- **Work required**:
Search the data for the string "VECTOR", and report each line where it is found.

───── Records shown

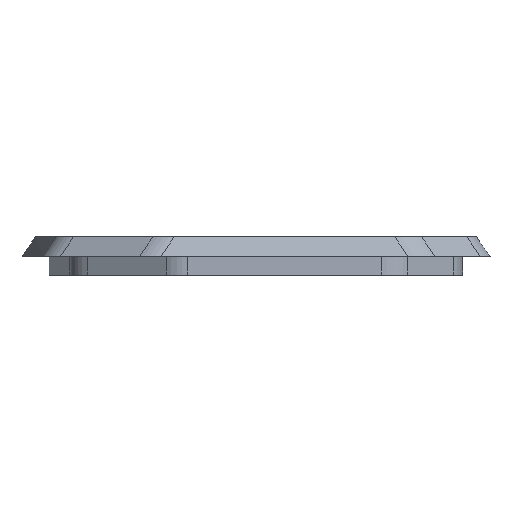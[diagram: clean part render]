
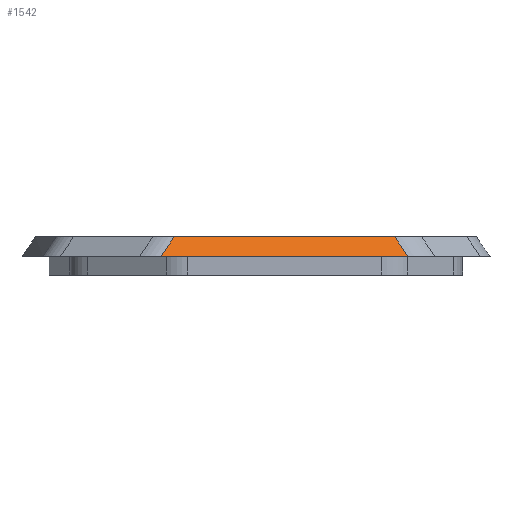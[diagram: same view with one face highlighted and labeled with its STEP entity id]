
A CAD part, left-side view. The second image highlights one B-rep face of the part: STEP entity #1542.
In plain terms, the highlighted free-form (B-spline) face has degree [1, 1] with [2, 2] control points.
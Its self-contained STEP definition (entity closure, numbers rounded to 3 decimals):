
#62 = PLANE('',#63);
#63 = AXIS2_PLACEMENT_3D('',#64,#65,#66);
#64 = CARTESIAN_POINT('',(-31.151,-26.558,2.5));
#65 = DIRECTION('',(0.,0.,1.));
#66 = DIRECTION('',(1.,0.,0.));
#128 = PLANE('',#129);
#129 = AXIS2_PLACEMENT_3D('',#130,#131,#132);
#130 = CARTESIAN_POINT('',(-29.367,-24.743,5.1));
#131 = DIRECTION('',(0.,0.,-1.));
#132 = DIRECTION('',(-1.,0.,0.));
#153 = B_SPLINE_SURFACE_WITH_KNOTS('',6,1,(
    (#154,#155)
    ,(#156,#157)
    ,(#158,#159)
    ,(#160,#161)
    ,(#162,#163)
    ,(#164,#165)
    ,(#166,#167
    )),.UNSPECIFIED.,.F.,.F.,.F.,(7,7),(2,2),(3.169,
    3.98),(0.,1.),.PIECEWISE_BEZIER_KNOTS.);
#154 = CARTESIAN_POINT('',(-42.859,-20.655,2.5));
#155 = CARTESIAN_POINT('',(-41.065,-18.864,5.1));
#156 = CARTESIAN_POINT('',(-42.84,-21.331,2.5));
#157 = CARTESIAN_POINT('',(-41.044,-19.537,5.1));
#158 = CARTESIAN_POINT('',(-42.712,-22.003,2.5));
#159 = CARTESIAN_POINT('',(-40.915,-20.207,5.1));
#160 = CARTESIAN_POINT('',(-42.475,-22.65,2.5));
#161 = CARTESIAN_POINT('',(-40.678,-20.851,5.1));
#162 = CARTESIAN_POINT('',(-42.136,-23.25,2.5));
#163 = CARTESIAN_POINT('',(-40.34,-21.448,5.1));
#164 = CARTESIAN_POINT('',(-41.707,-23.783,2.5));
#165 = CARTESIAN_POINT('',(-39.912,-21.979,5.1));
#166 = CARTESIAN_POINT('',(-41.205,-24.235,2.5));
#167 = CARTESIAN_POINT('',(-39.412,-22.429,5.1));
#568 = VERTEX_POINT('',#569);
#569 = CARTESIAN_POINT('',(-43.758,12.258,2.5));
#584 = B_SPLINE_SURFACE_WITH_KNOTS('',6,1,(
    (#585,#586)
    ,(#587,#588)
    ,(#589,#590)
    ,(#591,#592)
    ,(#593,#594)
    ,(#595,#596)
    ,(#597,#598
    )),.UNSPECIFIED.,.F.,.F.,.F.,(7,7),(2,2),(-0.571,
    0.03),(0.,1.),.PIECEWISE_BEZIER_KNOTS.);
#585 = CARTESIAN_POINT('',(-42.966,15.098,2.5));
#586 = CARTESIAN_POINT('',(-41.161,13.305,5.1));
#587 = CARTESIAN_POINT('',(-43.235,14.678,2.5));
#588 = CARTESIAN_POINT('',(-41.432,12.883,5.1));
#589 = CARTESIAN_POINT('',(-43.455,14.226,2.5));
#590 = CARTESIAN_POINT('',(-41.653,12.429,5.1));
#591 = CARTESIAN_POINT('',(-43.619,13.75,2.5));
#592 = CARTESIAN_POINT('',(-41.817,11.949,5.1));
#593 = CARTESIAN_POINT('',(-43.725,13.257,2.5));
#594 = CARTESIAN_POINT('',(-41.923,11.454,5.1));
#595 = CARTESIAN_POINT('',(-43.771,12.756,2.5));
#596 = CARTESIAN_POINT('',(-41.968,10.951,5.1));
#597 = CARTESIAN_POINT('',(-43.758,12.258,2.5));
#598 = CARTESIAN_POINT('',(-41.953,10.45,5.1));
#605 = EDGE_CURVE('',#568,#606,#608,.T.);
#606 = VERTEX_POINT('',#607);
#607 = CARTESIAN_POINT('',(-42.859,-20.655,2.5));
#608 = SURFACE_CURVE('',#609,(#613,#620),.PCURVE_S1.);
#609 = LINE('',#610,#611);
#610 = CARTESIAN_POINT('',(-43.8,13.8,2.5));
#611 = VECTOR('',#612,1.);
#612 = DIRECTION('',(0.027,-1.,0.));
#613 = PCURVE('',#62,#614);
#614 = DEFINITIONAL_REPRESENTATION('',(#615),#619);
#615 = LINE('',#616,#617);
#616 = CARTESIAN_POINT('',(-12.649,40.358));
#617 = VECTOR('',#618,1.);
#618 = DIRECTION('',(0.027,-1.));
#619 = ( GEOMETRIC_REPRESENTATION_CONTEXT(2) 
PARAMETRIC_REPRESENTATION_CONTEXT() REPRESENTATION_CONTEXT('2D SPACE',''
  ) );
#620 = PCURVE('',#621,#626);
#621 = B_SPLINE_SURFACE_WITH_KNOTS('',1,1,(
    (#622,#623)
    ,(#624,#625
    )),.UNSPECIFIED.,.F.,.F.,.F.,(2,2),(2,2),(1.543,
    34.468),(0.,1.),.PIECEWISE_BEZIER_KNOTS.);
#622 = CARTESIAN_POINT('',(-43.758,12.258,2.5));
#623 = CARTESIAN_POINT('',(-41.953,10.45,5.1));
#624 = CARTESIAN_POINT('',(-42.859,-20.655,2.5));
#625 = CARTESIAN_POINT('',(-41.065,-18.864,5.1));
#626 = DEFINITIONAL_REPRESENTATION('',(#627),#631);
#627 = LINE('',#628,#629);
#628 = CARTESIAN_POINT('',(0.,0.));
#629 = VECTOR('',#630,1.);
#630 = DIRECTION('',(1.,0.));
#631 = ( GEOMETRIC_REPRESENTATION_CONTEXT(2) 
PARAMETRIC_REPRESENTATION_CONTEXT() REPRESENTATION_CONTEXT('2D SPACE',''
  ) );
#1451 = VERTEX_POINT('',#1452);
#1452 = CARTESIAN_POINT('',(-41.953,10.45,5.1));
#1474 = EDGE_CURVE('',#1451,#1475,#1477,.T.);
#1475 = VERTEX_POINT('',#1476);
#1476 = CARTESIAN_POINT('',(-41.065,-18.864,5.1));
#1477 = SURFACE_CURVE('',#1478,(#1482,#1489),.PCURVE_S1.);
#1478 = LINE('',#1479,#1480);
#1479 = CARTESIAN_POINT('',(-42.,12.,5.1));
#1480 = VECTOR('',#1481,1.);
#1481 = DIRECTION('',(0.03,-1.,-0.));
#1482 = PCURVE('',#128,#1483);
#1483 = DEFINITIONAL_REPRESENTATION('',(#1484),#1488);
#1484 = LINE('',#1485,#1486);
#1485 = CARTESIAN_POINT('',(12.633,36.743));
#1486 = VECTOR('',#1487,1.);
#1487 = DIRECTION('',(-0.03,-1.));
#1488 = ( GEOMETRIC_REPRESENTATION_CONTEXT(2) 
PARAMETRIC_REPRESENTATION_CONTEXT() REPRESENTATION_CONTEXT('2D SPACE',''
  ) );
#1489 = PCURVE('',#621,#1490);
#1490 = DEFINITIONAL_REPRESENTATION('',(#1491),#1494);
#1491 = B_SPLINE_CURVE_WITH_KNOTS('',1,(#1492,#1493),.UNSPECIFIED.,.F.,
  .F.,(2,2),(1.551,30.878),.PIECEWISE_BEZIER_KNOTS.);
#1492 = CARTESIAN_POINT('',(1.543,1.));
#1493 = CARTESIAN_POINT('',(34.468,1.));
#1494 = ( GEOMETRIC_REPRESENTATION_CONTEXT(2) 
PARAMETRIC_REPRESENTATION_CONTEXT() REPRESENTATION_CONTEXT('2D SPACE',''
  ) );
#1523 = EDGE_CURVE('',#606,#1475,#1524,.T.);
#1524 = SURFACE_CURVE('',#1525,(#1528,#1535),.PCURVE_S1.);
#1525 = B_SPLINE_CURVE_WITH_KNOTS('',1,(#1526,#1527),.UNSPECIFIED.,.F.,
  .F.,(2,2),(0.,1.),.PIECEWISE_BEZIER_KNOTS.);
#1526 = CARTESIAN_POINT('',(-42.859,-20.655,2.5));
#1527 = CARTESIAN_POINT('',(-41.065,-18.864,5.1));
#1528 = PCURVE('',#153,#1529);
#1529 = DEFINITIONAL_REPRESENTATION('',(#1530),#1534);
#1530 = LINE('',#1531,#1532);
#1531 = CARTESIAN_POINT('',(3.169,0.));
#1532 = VECTOR('',#1533,1.);
#1533 = DIRECTION('',(0.,1.));
#1534 = ( GEOMETRIC_REPRESENTATION_CONTEXT(2) 
PARAMETRIC_REPRESENTATION_CONTEXT() REPRESENTATION_CONTEXT('2D SPACE',''
  ) );
#1535 = PCURVE('',#621,#1536);
#1536 = DEFINITIONAL_REPRESENTATION('',(#1537),#1541);
#1537 = LINE('',#1538,#1539);
#1538 = CARTESIAN_POINT('',(34.468,0.));
#1539 = VECTOR('',#1540,1.);
#1540 = DIRECTION('',(0.,1.));
#1541 = ( GEOMETRIC_REPRESENTATION_CONTEXT(2) 
PARAMETRIC_REPRESENTATION_CONTEXT() REPRESENTATION_CONTEXT('2D SPACE',''
  ) );
#1542 = ADVANCED_FACE('',(#1543),#621,.T.);
#1543 = FACE_BOUND('',#1544,.T.);
#1544 = EDGE_LOOP('',(#1545,#1546,#1547,#1548));
#1545 = ORIENTED_EDGE('',*,*,#605,.T.);
#1546 = ORIENTED_EDGE('',*,*,#1523,.T.);
#1547 = ORIENTED_EDGE('',*,*,#1474,.F.);
#1548 = ORIENTED_EDGE('',*,*,#1549,.F.);
#1549 = EDGE_CURVE('',#568,#1451,#1550,.T.);
#1550 = SURFACE_CURVE('',#1551,(#1554,#1561),.PCURVE_S1.);
#1551 = B_SPLINE_CURVE_WITH_KNOTS('',1,(#1552,#1553),.UNSPECIFIED.,.F.,
  .F.,(2,2),(0.,1.),.PIECEWISE_BEZIER_KNOTS.);
#1552 = CARTESIAN_POINT('',(-43.758,12.258,2.5));
#1553 = CARTESIAN_POINT('',(-41.953,10.45,5.1));
#1554 = PCURVE('',#621,#1555);
#1555 = DEFINITIONAL_REPRESENTATION('',(#1556),#1560);
#1556 = LINE('',#1557,#1558);
#1557 = CARTESIAN_POINT('',(1.543,0.));
#1558 = VECTOR('',#1559,1.);
#1559 = DIRECTION('',(0.,1.));
#1560 = ( GEOMETRIC_REPRESENTATION_CONTEXT(2) 
PARAMETRIC_REPRESENTATION_CONTEXT() REPRESENTATION_CONTEXT('2D SPACE',''
  ) );
#1561 = PCURVE('',#584,#1562);
#1562 = DEFINITIONAL_REPRESENTATION('',(#1563),#1567);
#1563 = LINE('',#1564,#1565);
#1564 = CARTESIAN_POINT('',(0.03,0.));
#1565 = VECTOR('',#1566,1.);
#1566 = DIRECTION('',(0.,1.));
#1567 = ( GEOMETRIC_REPRESENTATION_CONTEXT(2) 
PARAMETRIC_REPRESENTATION_CONTEXT() REPRESENTATION_CONTEXT('2D SPACE',''
  ) );

──────────

- **Your response**:
#611 = VECTOR('',#612,1.);
#617 = VECTOR('',#618,1.);
#629 = VECTOR('',#630,1.);
#1480 = VECTOR('',#1481,1.);
#1486 = VECTOR('',#1487,1.);
#1532 = VECTOR('',#1533,1.);
#1539 = VECTOR('',#1540,1.);
#1558 = VECTOR('',#1559,1.);
#1565 = VECTOR('',#1566,1.);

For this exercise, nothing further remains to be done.